**WHAT YOU ARE ASKED TO DO:** Your answer must be a word-for-word copy of the data.
┌─ EXERCISE INPUTS
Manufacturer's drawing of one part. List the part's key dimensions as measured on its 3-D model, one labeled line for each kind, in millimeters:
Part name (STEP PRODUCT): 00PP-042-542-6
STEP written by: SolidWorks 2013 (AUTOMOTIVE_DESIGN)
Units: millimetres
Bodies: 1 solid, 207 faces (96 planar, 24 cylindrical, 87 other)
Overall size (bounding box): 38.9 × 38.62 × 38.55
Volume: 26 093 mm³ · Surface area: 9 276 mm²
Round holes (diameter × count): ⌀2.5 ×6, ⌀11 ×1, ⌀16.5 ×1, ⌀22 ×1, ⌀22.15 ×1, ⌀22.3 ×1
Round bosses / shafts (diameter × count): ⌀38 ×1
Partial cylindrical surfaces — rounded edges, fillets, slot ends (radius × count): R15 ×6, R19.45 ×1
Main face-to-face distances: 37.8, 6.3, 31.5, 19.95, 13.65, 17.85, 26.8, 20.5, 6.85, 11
└─
**RESPONSE TO THIS TASK:**
Manufacturer's drawing of one part. List the part's key dimensions as measured on its 3-D model, one labeled line for each kind, in millimeters:
Part name (STEP PRODUCT): 00PP-042-542-6
STEP written by: SolidWorks 2013 (AUTOMOTIVE_DESIGN)
Units: millimetres
Bodies: 1 solid, 207 faces (96 planar, 24 cylindrical, 87 other)
Overall size (bounding box): 38.9 × 38.62 × 38.55
Volume: 26 093 mm³ · Surface area: 9 276 mm²
Round holes (diameter × count): ⌀2.5 ×6, ⌀11 ×1, ⌀16.5 ×1, ⌀22 ×1, ⌀22.15 ×1, ⌀22.3 ×1
Round bosses / shafts (diameter × count): ⌀38 ×1
Partial cylindrical surfaces — rounded edges, fillets, slot ends (radius × count): R15 ×6, R19.45 ×1
Main face-to-face distances: 37.8, 6.3, 31.5, 19.95, 13.65, 17.85, 26.8, 20.5, 6.85, 11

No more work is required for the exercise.